You've got the right diet. Live black worms and beef heart are the best things for discus. See if you can get your hands on some fresh beef heart and make some of your own food. Feed often (like 6 times a day). Keep up with water changes, since those foods are messy (lots of them). This will keep your discus from being stunted. Is your QT tank bare bottom? A lot of people grow them out in a bare bottom tank to make the water changes easier, and then transfer them into a planted tank when the discus are adults. What size is your show tank, and what size is the QT?
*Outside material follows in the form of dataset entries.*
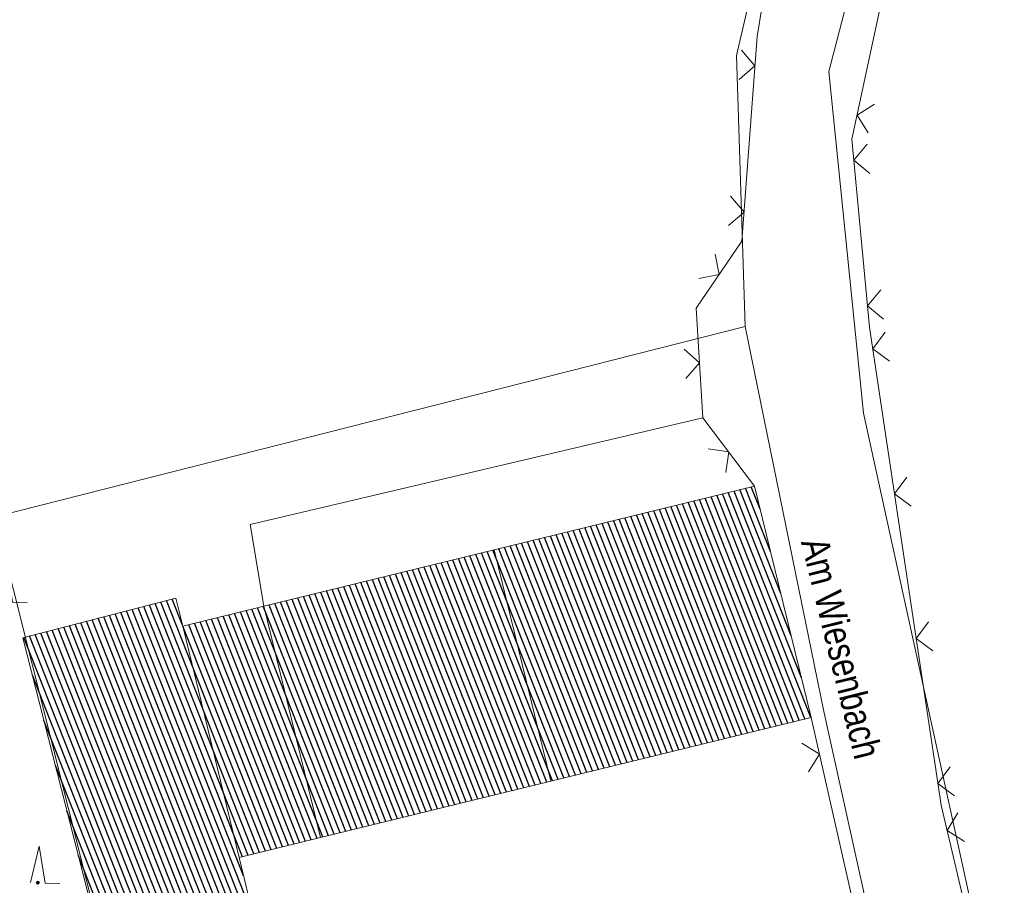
# Model space of a CAD drawing. Header units: metres. Extents: x 345144 to 348639, y 5629211 to 5635235.
# Tile 990 of 1056: x 347334 to 347368, y 5631406 to 5631436. Entities that reach past the tile are written whole.
import ezdxf

# ---------------------------------------------------------------- set-up
doc = ezdxf.new("R2010")
doc.units = ezdxf.units.M
doc.header["$MEASUREMENT"] = 0
for name, color, linetype in [('028 Geländeform', 7, 'Continuous'), ('081-083 Topographie', 7, 'Continuous'), ('AX Flurstück', 7, 'Continuous'), ('AX Gebäude', 7, 'Continuous'), ('Definitionslinie', 7, 'Continuous'), ('Strasse Lokation', 7, 'Continuous')]:
    doc.layers.add(name, color=color, linetype=linetype)
doc.styles.add('ARIAL', font='arial.ttf', dxfattribs={"height": 1})
pattern_1 = [(111.5294117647, (0, 0), (-0.186045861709, -0.07339575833), [])]

# ---------------------------------------------------------------- blocks, each defined once
blk = doc.blocks.new('alk_7200_nrwx2')
at = {"true_color": 0x2e2e2e}
h = blk.add_hatch(color=250, dxfattribs=at)
edge = h.paths.add_edge_path(flags=0)
edge.add_arc((-0.020544, -0.388118), 0.055525, 180, 360, ccw=False)
edge.add_arc((-0.020544, -0.388118), 0.055525, 0, 180, ccw=False)
at = {"color": 250, "lineweight": 5, "true_color": 0x2e2e2e, "flags": 128}
blk.add_lwpolyline([(-0.298168, -0.388118), (-0.020544, 1), (0.257079, -0.388118), (0.812326, -0.388118)], dxfattribs=at)
blk.add_lwpolyline([(-0.298168, -0.388118), (-0.020544, 1), (0.257079, -0.388118), (0.812326, -0.388118)], dxfattribs=at)
at = {"color": 250, "lineweight": 5, "true_color": 0x2e2e2e}
for start, end in [(0, 180), (180, 0)]:
    blk.add_arc((-0.020544, -0.388118), 0.055525, start, end, dxfattribs=at)

msp = doc.modelspace()

# ---------------------------------------------------------------- hatches: boundary and pattern name
at = {"layer": '028 Geländeform', "true_color": 0xb27500}
h = msp.add_hatch(dxfattribs=at)
h.set_pattern_fill('_USER', color=44, scale=0.2, angle=250.9552152, style=0, pattern_type=0)
h.set_pattern_definition([(250.9552151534, (0, 0), (0.1890527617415, -0.065261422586), [])])
edge = h.paths.add_edge_path(flags=0)
edge.add_line((347301.488, 5631447.527), (347286.659, 5631441.409))
edge.add_line((347286.659, 5631441.409), (347286.659, 5631441.409))
edge.add_line((347286.659, 5631441.409), (347281.348, 5631439.218))
edge.add_line((347281.348, 5631439.218), (347267.408, 5631433.634))
edge.add_line((347267.408, 5631433.634), (347254.901, 5631425.92))
edge.add_line((347254.901, 5631425.92), (347254.901, 5631425.92))
edge.add_line((347254.901, 5631425.92), (347245.924, 5631419.727))
edge.add_line((347245.924, 5631419.727), (347245.924, 5631419.727))
edge.add_line((347245.924, 5631419.727), (347245.921, 5631419.725))
edge.add_line((347245.921, 5631419.725), (347245.921, 5631419.725))
edge.add_line((347245.921, 5631419.725), (347245.71, 5631419.579))
edge.add_line((347245.71, 5631419.579), (347232.809, 5631412.085))
edge.add_line((347232.809, 5631412.085), (347232.809, 5631412.085))
edge.add_line((347232.809, 5631412.085), (347232.488, 5631411.899))
edge.add_line((347232.488, 5631411.899), (347232.488, 5631411.899))
edge.add_line((347232.488, 5631411.899), (347190.64, 5631387.589))
edge.add_line((347190.64, 5631387.589), (347178.066, 5631380.611))
edge.add_line((347178.066, 5631380.611), (347178.066, 5631380.611))
edge.add_line((347178.066, 5631380.611), (347177.997, 5631380.573))
edge.add_line((347177.997, 5631380.573), (347177.997, 5631380.573))
edge.add_line((347177.997, 5631380.573), (347177.978, 5631380.563))
edge.add_line((347177.978, 5631380.563), (347177.978, 5631380.563))
edge.add_line((347177.978, 5631380.563), (347175.096, 5631378.963))
edge.add_line((347175.096, 5631378.963), (347163.807, 5631372.949))
edge.add_line((347163.807, 5631372.949), (347163.807, 5631372.949))
edge.add_line((347163.807, 5631372.949), (347163.531, 5631372.802))
edge.add_line((347163.531, 5631372.802), (347163.531, 5631372.802))
edge.add_line((347163.531, 5631372.802), (347151.116, 5631366.189))
edge.add_line((347151.116, 5631366.189), (347148.665, 5631364.877))
edge.add_line((347148.665, 5631364.877), (347146.123, 5631363.52))
edge.add_line((347146.123, 5631363.52), (347146.123, 5631363.52))
edge.add_line((347146.123, 5631363.52), (347145.223, 5631365.233))
edge.add_line((347145.223, 5631365.233), (347145.223, 5631365.233))
edge.add_line((347145.223, 5631365.233), (347145.202, 5631365.273))
edge.add_line((347145.202, 5631365.273), (347145.202, 5631365.273))
edge.add_line((347145.202, 5631365.273), (347146.334, 5631366.236))
edge.add_line((347146.334, 5631366.236), (347146.334, 5631366.236))
edge.add_line((347146.334, 5631366.236), (347146.65125, 5631366.51975))
edge.add_line((347146.65125, 5631366.51975), (347146.975109, 5631366.794234))
edge.add_line((347146.975109, 5631366.794234), (347147.298969, 5631367.068719))
edge.add_line((347147.298969, 5631367.068719), (347147.629438, 5631367.333938))
edge.add_line((347147.629438, 5631367.333938), (347147.959906, 5631367.599156))
edge.add_line((347147.959906, 5631367.599156), (347148.296984, 5631367.855109))
edge.add_line((347148.296984, 5631367.855109), (347148.634063, 5631368.111063))
edge.add_line((347148.634063, 5631368.111063), (347148.97775, 5631368.35775))
edge.add_line((347148.97775, 5631368.35775), (347149.321438, 5631368.604438))
edge.add_line((347149.321438, 5631368.604438), (347149.671734, 5631368.841859))
edge.add_line((347149.671734, 5631368.841859), (347150.022031, 5631369.079281))
edge.add_line((347150.022031, 5631369.079281), (347150.378938, 5631369.307438))
edge.add_line((347150.378938, 5631369.307438), (347150.735844, 5631369.535594))
edge.add_line((347150.735844, 5631369.535594), (347151.099359, 5631369.754484))
edge.add_line((347151.099359, 5631369.754484), (347151.462875, 5631369.973375))
edge.add_line((347151.462875, 5631369.973375), (347151.833, 5631370.183))
edge.add_line((347151.833, 5631370.183), (347151.833, 5631370.183))
edge.add_line((347151.833, 5631370.183), (347151.835, 5631370.184))
edge.add_line((347151.835, 5631370.184), (347151.835, 5631370.184))
edge.add_line((347151.835, 5631370.184), (347151.844, 5631370.189125))
edge.add_line((347151.844, 5631370.189125), (347151.853016, 5631370.19425))
edge.add_line((347151.853016, 5631370.19425), (347151.862031, 5631370.199375))
edge.add_line((347151.862031, 5631370.199375), (347151.871063, 5631370.2045))
edge.add_line((347151.871063, 5631370.2045), (347151.880094, 5631370.209625))
edge.add_line((347151.880094, 5631370.209625), (347151.889141, 5631370.21475))
edge.add_line((347151.889141, 5631370.21475), (347151.898188, 5631370.219875))
edge.add_line((347151.898188, 5631370.219875), (347151.90725, 5631370.225))
edge.add_line((347151.90725, 5631370.225), (347151.916313, 5631370.230125))
edge.add_line((347151.916313, 5631370.230125), (347151.925391, 5631370.23525))
edge.add_line((347151.925391, 5631370.23525), (347151.934469, 5631370.240375))
edge.add_line((347151.934469, 5631370.240375), (347151.943563, 5631370.2455))
edge.add_line((347151.943563, 5631370.2455), (347151.952656, 5631370.250625))
edge.add_line((347151.952656, 5631370.250625), (347151.961766, 5631370.25575))
edge.add_line((347151.961766, 5631370.25575), (347151.970875, 5631370.260875))
edge.add_line((347151.970875, 5631370.260875), (347151.98, 5631370.266))
edge.add_line((347151.98, 5631370.266), (347151.98, 5631370.266))
edge.add_line((347151.98, 5631370.266), (347154.353, 5631371.504))
edge.add_line((347154.353, 5631371.504), (347154.353, 5631371.504))
edge.add_line((347154.353, 5631371.504), (347154.565, 5631371.615))
edge.add_line((347154.565, 5631371.615), (347154.565, 5631371.615))
edge.add_line((347154.565, 5631371.615), (347183.556, 5631386.744))
edge.add_line((347183.556, 5631386.744), (347217.929, 5631406.734))
edge.add_line((347217.929, 5631406.734), (347217.929, 5631406.734))
edge.add_line((347217.929, 5631406.734), (347218.253, 5631406.922))
edge.add_line((347218.253, 5631406.922), (347218.253, 5631406.922))
edge.add_line((347218.253, 5631406.922), (347244.146, 5631421.98))
edge.add_line((347244.146, 5631421.98), (347254.577, 5631426.501))
edge.add_line((347254.577, 5631426.501), (347254.577, 5631426.501))
edge.add_line((347254.577, 5631426.501), (347266.817, 5631434.336))
edge.add_line((347266.817, 5631434.336), (347280.218, 5631440.399))
edge.add_line((347280.218, 5631440.399), (347300.9, 5631448.521))
edge.add_line((347300.9, 5631448.521), (347300.9, 5631448.521))
edge.add_line((347300.9, 5631448.521), (347321.196, 5631457.938))
edge.add_line((347321.196, 5631457.938), (347321.196, 5631457.938))
edge.add_line((347321.196, 5631457.938), (347343.35, 5631467.032))
edge.add_line((347343.35, 5631467.032), (347343.35, 5631467.032))
edge.add_line((347343.35, 5631467.032), (347344.00825, 5631467.32475))
edge.add_line((347344.00825, 5631467.32475), (347344.673797, 5631467.590281))
edge.add_line((347344.673797, 5631467.590281), (347345.339344, 5631467.855812))
edge.add_line((347345.339344, 5631467.855812), (347346.012188, 5631468.094125))
edge.add_line((347346.012188, 5631468.094125), (347346.685031, 5631468.332438))
edge.add_line((347346.685031, 5631468.332438), (347347.365172, 5631468.543531))
edge.add_line((347347.365172, 5631468.543531), (347348.045313, 5631468.754625))
edge.add_line((347348.045313, 5631468.754625), (347348.73275, 5631468.9385))
edge.add_line((347348.73275, 5631468.9385), (347349.420187, 5631469.122375))
edge.add_line((347349.420187, 5631469.122375), (347350.114922, 5631469.279031))
edge.add_line((347350.114922, 5631469.279031), (347350.809656, 5631469.435688))
edge.add_line((347350.809656, 5631469.435688), (347351.511687, 5631469.565125))
edge.add_line((347351.511687, 5631469.565125), (347352.213719, 5631469.694563))
edge.add_line((347352.213719, 5631469.694563), (347352.923047, 5631469.796781))
edge.add_line((347352.923047, 5631469.796781), (347353.632375, 5631469.899))
edge.add_line((347353.632375, 5631469.899), (347354.349, 5631469.974))
edge.add_line((347354.349, 5631469.974), (347354.349, 5631469.974))
edge.add_line((347354.349, 5631469.974), (347354.842875, 5631470.031))
edge.add_line((347354.842875, 5631470.031), (347355.337109, 5631470.078266))
edge.add_line((347355.337109, 5631470.078266), (347355.831344, 5631470.125531))
edge.add_line((347355.831344, 5631470.125531), (347356.325938, 5631470.163063))
edge.add_line((347356.325938, 5631470.163063), (347356.820531, 5631470.200594))
edge.add_line((347356.820531, 5631470.200594), (347357.315484, 5631470.228391))
edge.add_line((347357.315484, 5631470.228391), (347357.810438, 5631470.256188))
edge.add_line((347357.810438, 5631470.256188), (347358.30575, 5631470.27425))
edge.add_line((347358.30575, 5631470.27425), (347358.801063, 5631470.292312))
edge.add_line((347358.801063, 5631470.292312), (347359.296734, 5631470.300641))
edge.add_line((347359.296734, 5631470.300641), (347359.792406, 5631470.308969))
edge.add_line((347359.792406, 5631470.308969), (347360.288438, 5631470.307563))
edge.add_line((347360.288438, 5631470.307563), (347360.784469, 5631470.306156))
edge.add_line((347360.784469, 5631470.306156), (347361.280859, 5631470.295016))
edge.add_line((347361.280859, 5631470.295016), (347361.77725, 5631470.283875))
edge.add_line((347361.77725, 5631470.283875), (347362.274, 5631470.263))
edge.add_arc((347362.564, 5631467.285), 2.992087, 41.8164145, 95.5619712, ccw=False)
edge.add_line((347364.794, 5631469.28), (347364.655, 5631467.891))
edge.add_line((347364.655, 5631467.891), (347364.655, 5631467.891))
edge.add_line((347364.655, 5631467.891), (347364.19025, 5631467.91475))
edge.add_line((347364.19025, 5631467.91475), (347363.725609, 5631467.930859))
edge.add_line((347363.725609, 5631467.930859), (347363.260969, 5631467.946969))
edge.add_line((347363.260969, 5631467.946969), (347362.796438, 5631467.955438))
edge.add_line((347362.796438, 5631467.955438), (347362.331906, 5631467.963906))
edge.add_line((347362.331906, 5631467.963906), (347361.867484, 5631467.964734))
edge.add_line((347361.867484, 5631467.964734), (347361.403063, 5631467.965563))
edge.add_line((347361.403063, 5631467.965563), (347360.93875, 5631467.95875))
edge.add_line((347360.93875, 5631467.95875), (347360.474438, 5631467.951938))
edge.add_line((347360.474438, 5631467.951938), (347360.010234, 5631467.937484))
edge.add_line((347360.010234, 5631467.937484), (347359.546031, 5631467.923031))
edge.add_line((347359.546031, 5631467.923031), (347359.081938, 5631467.900938))
edge.add_line((347359.081938, 5631467.900938), (347358.617844, 5631467.878844))
edge.add_line((347358.617844, 5631467.878844), (347358.153859, 5631467.849109))
edge.add_line((347358.153859, 5631467.849109), (347357.689875, 5631467.819375))
edge.add_line((347357.689875, 5631467.819375), (347357.226, 5631467.782))
edge.add_line((347357.226, 5631467.782), (347357.226, 5631467.782))
edge.add_line((347357.226, 5631467.782), (347356.42925, 5631467.708375))
edge.add_line((347356.42925, 5631467.708375), (347355.637125, 5631467.612625))
edge.add_line((347355.637125, 5631467.612625), (347354.845, 5631467.516875))
edge.add_line((347354.845, 5631467.516875), (347354.0575, 5631467.399))
edge.add_line((347354.0575, 5631467.399), (347353.27, 5631467.281125))
edge.add_line((347353.27, 5631467.281125), (347352.487125, 5631467.141125))
edge.add_line((347352.487125, 5631467.141125), (347351.70425, 5631467.001125))
edge.add_line((347351.70425, 5631467.001125), (347350.926, 5631466.839))
edge.add_line((347350.926, 5631466.839), (347350.14775, 5631466.676875))
edge.add_line((347350.14775, 5631466.676875), (347349.374125, 5631466.492625))
edge.add_line((347349.374125, 5631466.492625), (347348.6005, 5631466.308375))
edge.add_line((347348.6005, 5631466.308375), (347347.8315, 5631466.102))
edge.add_line((347347.8315, 5631466.102), (347347.0625, 5631465.895625))
edge.add_line((347347.0625, 5631465.895625), (347346.298125, 5631465.667125))
edge.add_line((347346.298125, 5631465.667125), (347345.53375, 5631465.438625))
edge.add_line((347345.53375, 5631465.438625), (347344.774, 5631465.188))
edge.add_line((347344.774, 5631465.188), (347344.774, 5631465.188))
edge.add_line((347344.774, 5631465.188), (347301.488, 5631447.527))
at = {"layer": 'AX Gebäude', "true_color": 0x4f4f4f}
h = msp.add_hatch(dxfattribs=at)
h.set_pattern_fill('_USER', color=251, scale=0.2, angle=111.5294118, style=0, pattern_type=0)
h.set_pattern_definition(pattern_1)
h.paths.add_polyline_path([(347350.102, 5631417.517), (347358.992, 5631419.696), (347360.928, 5631411.799), (347352.038, 5631409.619)], flags=0)
h = msp.add_hatch(dxfattribs=at)
h.set_pattern_fill('_USER', color=251, scale=0.2, angle=111.5294118, style=0, pattern_type=0)
h.set_pattern_definition(pattern_1)
h.paths.add_polyline_path([(347342.243, 5631415.591), (347350.102, 5631417.517), (347352.038, 5631409.619), (347344.178, 5631407.692)], flags=0)
h = msp.add_hatch(dxfattribs=at)
h.set_pattern_fill('_USER', color=251, scale=0.2, angle=111.5294118, style=0, pattern_type=0)
h.set_pattern_definition(pattern_1)
h.paths.add_polyline_path([(347334.005, 5631414.518), (347339.233, 5631415.866), (347339.471, 5631414.914), (347341.396, 5631407.011), (347341.913, 5631404.895), (347336.785, 5631403.619)], flags=0)
h = msp.add_hatch(dxfattribs=at)
h.set_pattern_fill('_USER', color=251, scale=0.2, angle=111.5294118, style=0, pattern_type=0)
h.set_pattern_definition(pattern_1)
h.paths.add_polyline_path([(347339.471, 5631414.914), (347342.243, 5631415.591), (347344.178, 5631407.692), (347341.396, 5631407.011)], flags=0)

# ---------------------------------------------------------------- linework, layer by layer
at = {"layer": '081-083 Topographie', "color": 7, "linetype": 'Continuous', "lineweight": 5, "flags": 128}
for points in [[(347348.845, 5631461.286), (347350.177, 5631461.538), (347350.177, 5631461.538), (347353.446, 5631462.156), (347353.446, 5631462.156), (347364.19, 5631463.377), (347364.19, 5631463.377), (347364.8, 5631461.728), (347364.8, 5631461.728), (347364.766, 5631461.565), (347364.766, 5631461.565), (347364.22, 5631458.95), (347364.22, 5631458.95), (347359.599, 5631438.193), (347359.599, 5631438.193), (347359.085, 5631435.038), (347359.085, 5631435.038), (347358.567, 5631428.051), (347358.567, 5631428.051), (347357.007, 5631425.774), (347357.007, 5631425.774), (347357.232, 5631422.03), (347357.232, 5631422.03), (347358.993, 5631419.696)], [(347392.579, 5631457.723), (347380.558, 5631460.345), (347380.558, 5631460.345), (347376.104, 5631461.317), (347376.104, 5631461.317), (347370.323, 5631462.594), (347370.323, 5631462.594), (347370.066, 5631460.893), (347370.066, 5631460.893), (347369.566, 5631460.939), (347369.566, 5631460.939), (347367.93, 5631457.606), (347367.93, 5631457.606), (347362.321, 5631431.543), (347362.321, 5631431.543), (347362.922, 5631425.124), (347362.922, 5631425.124), (347365.367, 5631408.799), (347365.367, 5631408.799), (347369.213, 5631392.471)], [(347357.232, 5631422.03), (347341.772, 5631418.384), (347341.772, 5631418.384), (347342.243, 5631415.591)], [(347360.928, 5631411.799), (347362.6, 5631404.403), (347362.6, 5631404.403), (347365.323, 5631392.748), (347365.323, 5631392.748), (347362.463, 5631390.277), (347362.463, 5631390.277), (347363.733, 5631385.525), (347363.733, 5631385.525), (347363.996, 5631384.543)]]:
    msp.add_lwpolyline(points, dxfattribs=at)
at = {"layer": 'AX Flurstück', "color": 8, "linetype": 'Continuous', "lineweight": 13, "true_color": 0x808080, "flags": 128}
for points in [[(347287.555, 5631440.291), (347339.784, 5631462.385), (347345.375, 5631464.579), (347351.831, 5631465.989), (347360.422, 5631467.055), (347364.49, 5631467.001), (347364.176, 5631463.663), (347364.75, 5631461.781), (347358.382, 5631434.391), (347358.674, 5631425.139), (347333.052, 5631418.649), (347341.797, 5631383.891), (347319.972, 5631377.273), (347331.061, 5631341.525), (347329.148, 5631341.951), (347323.055, 5631339.117), (347322.035, 5631341.84), (347315.557, 5631359.604), (347306.327, 5631386.369), (347298.819, 5631407.591), (347290.438, 5631431.588), (347287.555, 5631440.291)], [(347368.795, 5631394.448), (347380.787, 5631357.269), (347378.082, 5631356.33), (347377.842, 5631356.254), (347369.268, 5631382.139), (347365.547, 5631393.078), (347361.36, 5631411.995), (347358.674, 5631425.139), (347358.382, 5631434.391), (347364.75, 5631461.781), (347365.18, 5631464.127), (347369.214, 5631463.295), (347370.114, 5631463.106), (347369.975, 5631461.392), (347369.237, 5631461.404), (347368.052, 5631458.922), (347361.536, 5631433.847), (347362.717, 5631422.189), (347368.795, 5631394.448)], [(347370.114, 5631463.106), (347385.232, 5631459.94), (347392.343, 5631458.451), (347392.587, 5631445.4), (347395.161, 5631411.713), (347395.435, 5631408.35), (347396.275, 5631397.468), (347397.701, 5631379.118), (347401.745, 5631364.541), (347380.787, 5631357.269), (347368.795, 5631394.448), (347362.717, 5631422.189), (347361.536, 5631433.847), (347368.052, 5631458.922), (347369.237, 5631461.404), (347369.975, 5631461.392), (347370.114, 5631463.106)], [(347361.36, 5631411.995), (347365.547, 5631393.078), (347369.268, 5631382.139), (347377.842, 5631356.254), (347351.062, 5631347.901), (347345.683, 5631369.704), (347341.797, 5631383.891), (347333.052, 5631418.649), (347358.674, 5631425.139), (347361.36, 5631411.995)]]:
    msp.add_lwpolyline(points, dxfattribs=at)
at = {"layer": 'AX Gebäude', "color": 7, "linetype": 'Continuous', "lineweight": 5, "flags": 128}
for points in [[(347350.102, 5631417.517), (347358.992, 5631419.696), (347360.928, 5631411.799), (347352.038, 5631409.619), (347350.102, 5631417.517)], [(347342.243, 5631415.591), (347350.102, 5631417.517), (347352.038, 5631409.619), (347344.178, 5631407.692), (347342.243, 5631415.591)], [(347334.005, 5631414.518), (347339.233, 5631415.866), (347339.471, 5631414.914), (347341.396, 5631407.011), (347341.913, 5631404.895), (347336.785, 5631403.619), (347334.005, 5631414.518)], [(347339.471, 5631414.914), (347342.243, 5631415.591), (347344.178, 5631407.692), (347341.396, 5631407.011), (347339.471, 5631414.914)]]:
    msp.add_lwpolyline(points, dxfattribs=at)
at = {"layer": 'Definitionslinie', "color": 7, "linetype": 'Continuous', "lineweight": 5, "flags": 128}
for points in [[(347362.321, 5631431.543), (347367.93, 5631457.606)], [(347359.085, 5631435.038), (347359.599, 5631438.193)], [(347358.567, 5631428.051), (347359.085, 5631435.038)], [(347358.475, 5631433.576), (347359.011, 5631434.038), (347358.549, 5631434.573)], [(347358.475, 5631433.576), (347359.011, 5631434.038), (347358.549, 5631434.573)], [(347363.09, 5631432.738), (347362.496, 5631432.354), (347362.879, 5631431.76)], [(347363.09, 5631432.738), (347362.496, 5631432.354), (347362.879, 5631431.76)], [(347362.321, 5631431.543), (347362.922, 5631425.124)], [(347362.84, 5631431.367), (347362.388, 5631430.823), (347362.933, 5631430.371)], [(347362.84, 5631431.367), (347362.388, 5631430.823), (347362.933, 5631430.371)], [(347358.106, 5631428.59), (347358.641, 5631429.051), (347358.18, 5631429.587)], [(347358.106, 5631428.59), (347358.641, 5631429.051), (347358.18, 5631429.587)], [(347357.007, 5631425.774), (347358.567, 5631428.051)], [(347357.092, 5631426.783), (347357.787, 5631426.913), (347357.657, 5631427.608)], [(347357.092, 5631426.783), (347357.787, 5631426.913), (347357.657, 5631427.608)], [(347363.306, 5631426.389), (347362.855, 5631425.844), (347363.399, 5631425.393)], [(347363.306, 5631426.389), (347362.855, 5631425.844), (347363.399, 5631425.393)], [(347357.007, 5631425.774), (347357.232, 5631422.03)], [(347362.922, 5631425.124), (347365.367, 5631408.799)], [(347363.454, 5631424.947), (347363.034, 5631424.379), (347363.602, 5631423.958)], [(347363.454, 5631424.947), (347363.034, 5631424.379), (347363.602, 5631423.958)], [(347356.65, 5631423.373), (347357.12, 5631423.902), (347356.59, 5631424.371)], [(347356.65, 5631423.373), (347357.12, 5631423.902), (347356.59, 5631424.371)], [(347341.772, 5631418.384), (347357.232, 5631422.03)], [(347357.232, 5631422.03), (347358.993, 5631419.696)], [(347358.015, 5631420.163), (347358.113, 5631420.863), (347357.412, 5631420.961)], [(347358.015, 5631420.163), (347358.113, 5631420.863), (347357.412, 5631420.961)], [(347364.195, 5631420.002), (347363.774, 5631419.434), (347364.343, 5631419.014)], [(347364.195, 5631420.002), (347363.774, 5631419.434), (347364.343, 5631419.014)], [(347341.772, 5631418.384), (347342.243, 5631415.591)], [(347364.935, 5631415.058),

*Note: I don't even own discus. I am just a huge dork that lurks here all the time: http://www.simplydiscus.com


----------



## fishscale (May 29, 2007)

Slow motion ninja'd!


----------



## Crystalview (Aug 10, 2007)

I can't keep them long in the qt it is only 10g. I might put them in my 29 for a few weeks after qt then in to my new 55. I was also thinking of just keeping four. I have heard that four is better then 2. Yeah I know 6 is a lot better.
I asked the butcher for a beef heart and he brought out a 5lb one. I passed on that.
Do neither of you know when their patterning starts. I bought these online and they look healthy but with solid color. They are juvi's just making 2"


----------



## fishscale (May 29, 2007)

Oh boy, get them in that 29g ASAP, and keep up with the WC even in the 29.


----------



## Crystalview (Aug 10, 2007)

Ok cool I will move them


----------



## crazie.eddie (May 31, 2004)

fishscale said:


> Oh boy, get them in that 29g ASAP, and keep up with the WC even in the 29.


I agree.



Crystalview said:


> Thanks I will check out simplydiscus. The stripes I mention should have been asked differently. RP's have red squiggle pattern so that makes them red and white. I am nervous with these guys. What I have read I am in for a challenge. There is so many different opinions on their needs. Clean water being the most needed. I left the gravel out of the QT tank so it will be easier for me.


I've never had them that small. I usually get them about 3" or more, so they already started getting their colors/stripes.

As suggested, move them into the 29 gallon. Feed 3-4 times a day, followed by a WC a couple of hours after the feeding.

I forgot to mention, I also feed the discus Hikari sinking carnivore pellets and Hikari discus pellets. The discus pellets are small enough for the discus to eat hole, while the carnivore pellets require some soak for an hour or so. This way, the pellets are soft enough to take bites off of. I also soak the discus pellets, since it makes them a little softer.


----------



## fishscale (May 29, 2007)

Hey Eddie, do you have any recent shots of your 125?


----------



## crazie.eddie (May 31, 2004)

I forgot to mention, I know there are some discus experts here, who are also members from Simplydiscus. I'm a member on Simply as well, but I'm no expert. LOL

DanDMan is a member here, and I believe he owns/runs Gulf Coast Discus. I hope he or other discus experts would chime in.




fishscale said:


> Hey Eddie, do you have any recent shots of your 125?


I think I do, but it's really bare. No plants, just substrate and some wood. I'm planning to re-do the tank (need to borrow 2 * 55 gallon tanks for the fish transition). I'll post the photos and start another thread on it, so we don't steal this thread.


----------



## Crystalview (Aug 10, 2007)

When does there adult pattern show. Mine are solid now and don't show the red and white stiations.

Oh they are in the 29g and swimming around more. By a couple of weeks I should know which 4 I am going to keep in my 55g. That's all I think that tank can hold when they are adults.


----------



## crazie.eddie (May 31, 2004)

You can actually have more in there. What other fish are in the tank? Could you provide a pic?


----------



## fishyjoe24 (Dec 10, 2009)

those little guys need to be fed 5-6 times a day, blood worms, beef heart, brine shrimp,and flakes. get them to a bigger tank, and keep up with the water changes.


----------



## lauraleellbp (Feb 3, 2008)

Hello thread resurrection!


----------